- _Task instructions_
Take the entries below and write them out exactly, with each picture removed.

- _Record excerpts_
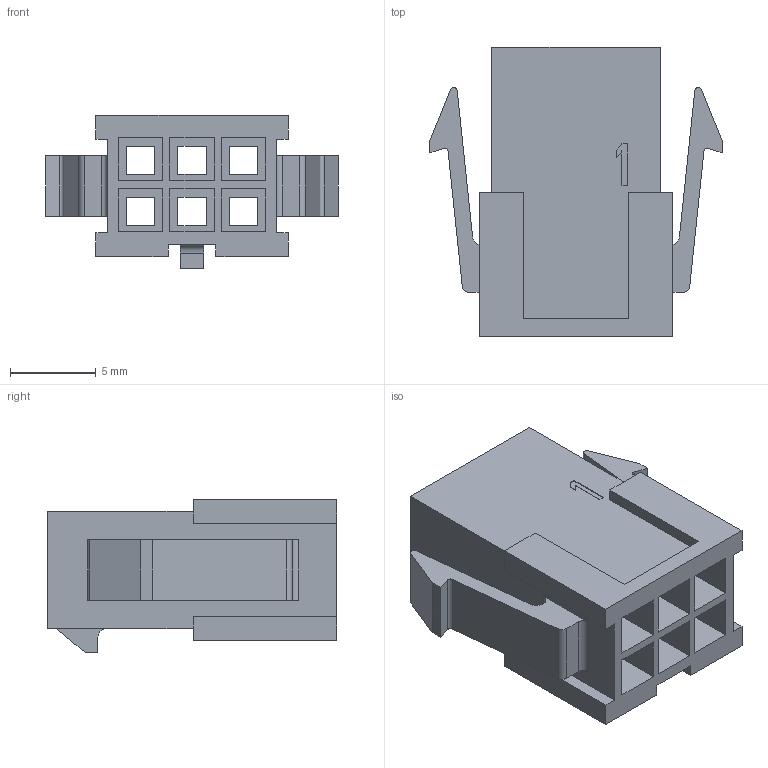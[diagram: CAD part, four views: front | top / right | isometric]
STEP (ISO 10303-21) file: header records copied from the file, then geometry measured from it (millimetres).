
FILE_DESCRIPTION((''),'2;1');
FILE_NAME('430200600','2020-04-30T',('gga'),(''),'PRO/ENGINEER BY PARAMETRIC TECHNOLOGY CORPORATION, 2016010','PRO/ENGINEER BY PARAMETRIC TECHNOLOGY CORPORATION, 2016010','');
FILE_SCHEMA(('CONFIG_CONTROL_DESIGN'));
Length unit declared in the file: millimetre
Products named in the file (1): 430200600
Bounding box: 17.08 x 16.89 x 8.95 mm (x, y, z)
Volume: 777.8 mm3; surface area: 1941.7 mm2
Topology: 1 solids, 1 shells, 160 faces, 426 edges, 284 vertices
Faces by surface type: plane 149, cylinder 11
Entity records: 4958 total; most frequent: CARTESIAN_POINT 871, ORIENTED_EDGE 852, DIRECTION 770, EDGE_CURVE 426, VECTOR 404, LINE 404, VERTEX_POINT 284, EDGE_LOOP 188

- _Your response_
[diagram: CAD part, four views: front | top / right | isometric]
STEP (ISO 10303-21) file: header records copied from the file, then geometry measured from it (millimetres).
FILE_DESCRIPTION((''),'2;1');
FILE_NAME('430200600','2020-04-30T',('gga'),(''),'PRO/ENGINEER BY PARAMETRIC TECHNOLOGY CORPORATION, 2016010','PRO/ENGINEER BY PARAMETRIC TECHNOLOGY CORPORATION, 2016010','');
FILE_SCHEMA(('CONFIG_CONTROL_DESIGN'));
Length unit declared in the file: millimetre
Products named in the file (1): 430200600
Bounding box: 17.08 x 16.89 x 8.95 mm (x, y, z)
Volume: 777.8 mm3; surface area: 1941.7 mm2
Topology: 1 solids, 1 shells, 160 faces, 426 edges, 284 vertices
Faces by surface type: plane 149, cylinder 11
Entity records: 4958 total; most frequent: CARTESIAN_POINT 871, ORIENTED_EDGE 852, DIRECTION 770, EDGE_CURVE 426, VECTOR 404, LINE 404, VERTEX_POINT 284, EDGE_LOOP 188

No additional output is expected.